*** Begin section ***

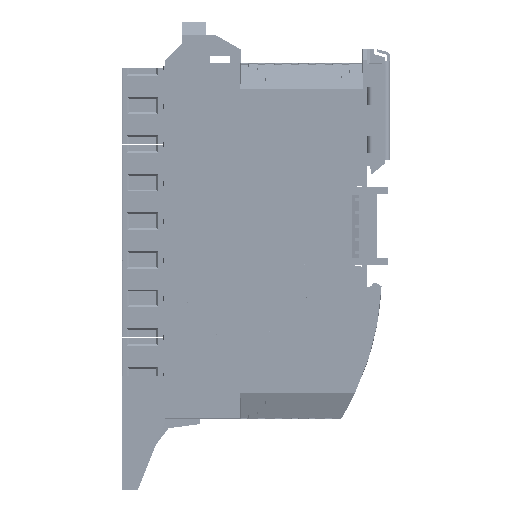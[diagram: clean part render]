
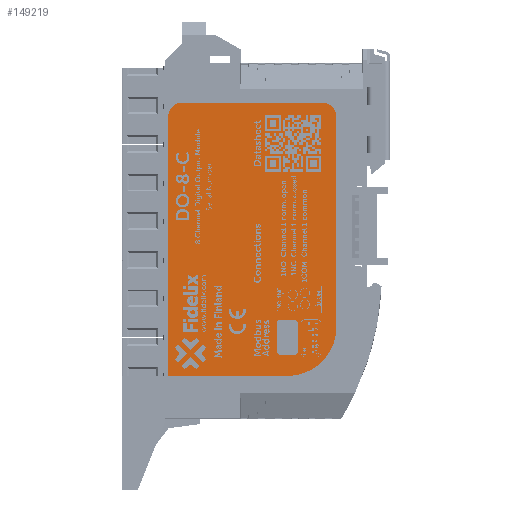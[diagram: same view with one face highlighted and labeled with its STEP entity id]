
A CAD part, left-side view. The second image highlights one B-rep face of the part: STEP entity #149219.
In plain terms, the highlighted planar face has unit normal (-1, 0, 0).
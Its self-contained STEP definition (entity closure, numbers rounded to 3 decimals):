
#2180=CIRCLE('',#157399,1.);
#2182=CIRCLE('',#157403,1.);
#2184=CIRCLE('',#157407,1.);
#2186=CIRCLE('',#157411,1.);
#2188=CIRCLE('',#157416,4.);
#2190=CIRCLE('',#157420,4.);
#2192=CIRCLE('',#157424,14.);
#3568=FACE_BOUND('',#19221,.T.);
#11245=FACE_OUTER_BOUND('',#19220,.T.);
#19220=EDGE_LOOP('',(#112798,#112799,#112800,#112801,#112802,#112803,#112804));
#19221=EDGE_LOOP('',(#112805,#112806,#112807,#112808,#112809,#112810,#112811,
#112812));
#32068=LINE('',#294080,#48468);
#32072=LINE('',#294092,#48472);
#32076=LINE('',#294104,#48476);
#32080=LINE('',#294116,#48480);
#32084=LINE('',#294128,#48484);
#32087=LINE('',#294134,#48487);
#32091=LINE('',#294146,#48491);
#32095=LINE('',#294158,#48495);
#48468=VECTOR('',#180098,1000.);
#48472=VECTOR('',#180110,1000.);
#48476=VECTOR('',#180122,1000.);
#48480=VECTOR('',#180134,1000.);
#48484=VECTOR('',#180146,1000.);
#48487=VECTOR('',#180151,1000.);
#48491=VECTOR('',#180163,1000.);
#48495=VECTOR('',#180175,1000.);
#63286=VERTEX_POINT('',#294077);
#63287=VERTEX_POINT('',#294079);
#63289=VERTEX_POINT('',#294085);
#63291=VERTEX_POINT('',#294091);
#63293=VERTEX_POINT('',#294097);
#63295=VERTEX_POINT('',#294103);
#63297=VERTEX_POINT('',#294109);
#63299=VERTEX_POINT('',#294115);
#63302=VERTEX_POINT('',#294125);
#63303=VERTEX_POINT('',#294127);
#63305=VERTEX_POINT('',#294133);
#63307=VERTEX_POINT('',#294139);
#63309=VERTEX_POINT('',#294145);
#63311=VERTEX_POINT('',#294151);
#63313=VERTEX_POINT('',#294157);
#80778=EDGE_CURVE('',#63287,#63286,#32068,.T.);
#80781=EDGE_CURVE('',#63289,#63287,#2180,.T.);
#80784=EDGE_CURVE('',#63291,#63289,#32072,.T.);
#80787=EDGE_CURVE('',#63293,#63291,#2182,.T.);
#80790=EDGE_CURVE('',#63295,#63293,#32076,.T.);
#80793=EDGE_CURVE('',#63297,#63295,#2184,.T.);
#80796=EDGE_CURVE('',#63299,#63297,#32080,.T.);
#80799=EDGE_CURVE('',#63286,#63299,#2186,.T.);
#80802=EDGE_CURVE('',#63303,#63302,#32084,.T.);
#80805=EDGE_CURVE('',#63305,#63303,#32087,.T.);
#80808=EDGE_CURVE('',#63307,#63305,#2188,.T.);
#80811=EDGE_CURVE('',#63309,#63307,#32091,.T.);
#80814=EDGE_CURVE('',#63311,#63309,#2190,.T.);
#80817=EDGE_CURVE('',#63313,#63311,#32095,.T.);
#80820=EDGE_CURVE('',#63302,#63313,#2192,.T.);
#112798=ORIENTED_EDGE('',*,*,#80820,.T.);
#112799=ORIENTED_EDGE('',*,*,#80817,.T.);
#112800=ORIENTED_EDGE('',*,*,#80814,.T.);
#112801=ORIENTED_EDGE('',*,*,#80811,.T.);
#112802=ORIENTED_EDGE('',*,*,#80808,.T.);
#112803=ORIENTED_EDGE('',*,*,#80805,.T.);
#112804=ORIENTED_EDGE('',*,*,#80802,.T.);
#112805=ORIENTED_EDGE('',*,*,#80799,.T.);
#112806=ORIENTED_EDGE('',*,*,#80796,.T.);
#112807=ORIENTED_EDGE('',*,*,#80793,.T.);
#112808=ORIENTED_EDGE('',*,*,#80790,.T.);
#112809=ORIENTED_EDGE('',*,*,#80787,.T.);
#112810=ORIENTED_EDGE('',*,*,#80784,.T.);
#112811=ORIENTED_EDGE('',*,*,#80781,.T.);
#112812=ORIENTED_EDGE('',*,*,#80778,.T.);
#134297=PLANE('',#157425);
#149219=ADVANCED_FACE('',(#11245,#3568),#134297,.T.);
#157399=AXIS2_PLACEMENT_3D('',#294086,#180104,#180105);
#157403=AXIS2_PLACEMENT_3D('',#294098,#180116,#180117);
#157407=AXIS2_PLACEMENT_3D('',#294110,#180128,#180129);
#157411=AXIS2_PLACEMENT_3D('',#294120,#180140,#180141);
#157416=AXIS2_PLACEMENT_3D('',#294140,#180157,#180158);
#157420=AXIS2_PLACEMENT_3D('',#294152,#180169,#180170);
#157424=AXIS2_PLACEMENT_3D('',#294162,#180181,#180182);
#157425=AXIS2_PLACEMENT_3D('',#294163,#180183,#180184);
#180098=DIRECTION('',(0.,0.,-1.));
#180104=DIRECTION('center_axis',(1.,0.,0.));
#180105=DIRECTION('ref_axis',(0.,-1.,0.));
#180110=DIRECTION('',(0.,-1.,0.));
#180116=DIRECTION('center_axis',(1.,0.,0.));
#180117=DIRECTION('ref_axis',(0.,0.,
1.));
#180122=DIRECTION('',(0.,0.,1.));
#180128=DIRECTION('center_axis',(1.,0.,0.));
#180129=DIRECTION('ref_axis',(0.,1.,0.));
#180134=DIRECTION('',(0.,1.,0.));
#180140=DIRECTION('center_axis',(1.,0.,0.));
#180141=DIRECTION('ref_axis',(0.,0.,
-1.));
#180146=DIRECTION('',(0.,-1.,0.));
#180151=DIRECTION('',(0.,0.,-1.));
#180157=DIRECTION('center_axis',(-1.,0.,0.));
#180158=DIRECTION('ref_axis',(0.,0.,
1.));
#180163=DIRECTION('',(0.,1.,0.));
#180169=DIRECTION('center_axis',(-1.,0.,0.));
#180170=DIRECTION('ref_axis',(0.,-1.,0.));
#180175=DIRECTION('',(0.,0.,1.));
#180181=DIRECTION('center_axis',(-1.,0.,0.));
#180182=DIRECTION('ref_axis',(0.,0.,
-1.));
#180183=DIRECTION('center_axis',(-1.,0.,0.));
#180184=DIRECTION('ref_axis',(0.,-1.,0.));
#294077=CARTESIAN_POINT('',(-9.55,19.7,-94.02));
#294079=CARTESIAN_POINT('',(-9.55,19.7,-86.02));
#294080=CARTESIAN_POINT('',(-9.55,19.7,-94.02));
#294085=CARTESIAN_POINT('',(-9.55,20.7,-85.02));
#294086=CARTESIAN_POINT('Origin',(-9.55,20.7,-86.02));
#294091=CARTESIAN_POINT('',(-9.55,24.7,-85.02));
#294092=CARTESIAN_POINT('',(-9.55,20.7,-85.02));
#294097=CARTESIAN_POINT('',(-9.55,25.7,-86.02));
#294098=CARTESIAN_POINT('Origin',(-9.55,24.7,-86.02));
#294103=CARTESIAN_POINT('',(-9.55,25.7,-94.02));
#294104=CARTESIAN_POINT('',(-9.55,25.7,-86.02));
#294109=CARTESIAN_POINT('',(-9.55,24.7,-95.02));
#294110=CARTESIAN_POINT('Origin',(-9.55,24.7,-94.02));
#294115=CARTESIAN_POINT('',(-9.55,20.7,-95.02));
#294116=CARTESIAN_POINT('',(-9.55,24.7,-95.02));
#294120=CARTESIAN_POINT('Origin',(-9.55,20.7,-94.02));
#294125=CARTESIAN_POINT('',(-9.55,22.7,-101.02));
#294127=CARTESIAN_POINT('',(-9.55,56.7,-101.02));
#294128=CARTESIAN_POINT('',(-9.55,56.7,-101.02));
#294133=CARTESIAN_POINT('',(-9.55,56.7,-27.02));
#294134=CARTESIAN_POINT('',(-9.55,56.7,-27.02));
#294139=CARTESIAN_POINT('',(-9.55,52.7,-23.02));
#294140=CARTESIAN_POINT('Origin',(-9.55,52.7,-27.02));
#294145=CARTESIAN_POINT('',(-9.55,12.7,-23.02));
#294146=CARTESIAN_POINT('',(-9.55,12.7,-23.02));
#294151=CARTESIAN_POINT('',(-9.55,8.7,-27.02));
#294152=CARTESIAN_POINT('Origin',(-9.55,12.7,-27.02));
#294157=CARTESIAN_POINT('',(-9.55,8.7,-87.02));
#294158=CARTESIAN_POINT('',(-9.55,8.7,-87.02));
#294162=CARTESIAN_POINT('Origin',(-9.55,22.7,-87.02));
#294163=CARTESIAN_POINT('Origin',(-9.55,32.7,-62.02));

*** End section ***

▶ WHAT TO DO: Would you please copy, word for word, everything above from the line containing "#180151=DIRECTION('',(0.,0.,-1.));" down to the line containing "#294109=CARTESIAN_POINT('',(-9.55,24.7,-95.02));", those two lines included?

▶ RESULT FOR THIS TASK:
#180151=DIRECTION('',(0.,0.,-1.));
#180157=DIRECTION('center_axis',(-1.,0.,0.));
#180158=DIRECTION('ref_axis',(0.,0.,
1.));
#180163=DIRECTION('',(0.,1.,0.));
#180169=DIRECTION('center_axis',(-1.,0.,0.));
#180170=DIRECTION('ref_axis',(0.,-1.,0.));
#180175=DIRECTION('',(0.,0.,1.));
#180181=DIRECTION('center_axis',(-1.,0.,0.));
#180182=DIRECTION('ref_axis',(0.,0.,
-1.));
#180183=DIRECTION('center_axis',(-1.,0.,0.));
#180184=DIRECTION('ref_axis',(0.,-1.,0.));
#294077=CARTESIAN_POINT('',(-9.55,19.7,-94.02));
#294079=CARTESIAN_POINT('',(-9.55,19.7,-86.02));
#294080=CARTESIAN_POINT('',(-9.55,19.7,-94.02));
#294085=CARTESIAN_POINT('',(-9.55,20.7,-85.02));
#294086=CARTESIAN_POINT('Origin',(-9.55,20.7,-86.02));
#294091=CARTESIAN_POINT('',(-9.55,24.7,-85.02));
#294092=CARTESIAN_POINT('',(-9.55,20.7,-85.02));
#294097=CARTESIAN_POINT('',(-9.55,25.7,-86.02));
#294098=CARTESIAN_POINT('Origin',(-9.55,24.7,-86.02));
#294103=CARTESIAN_POINT('',(-9.55,25.7,-94.02));
#294104=CARTESIAN_POINT('',(-9.55,25.7,-86.02));
#294109=CARTESIAN_POINT('',(-9.55,24.7,-95.02));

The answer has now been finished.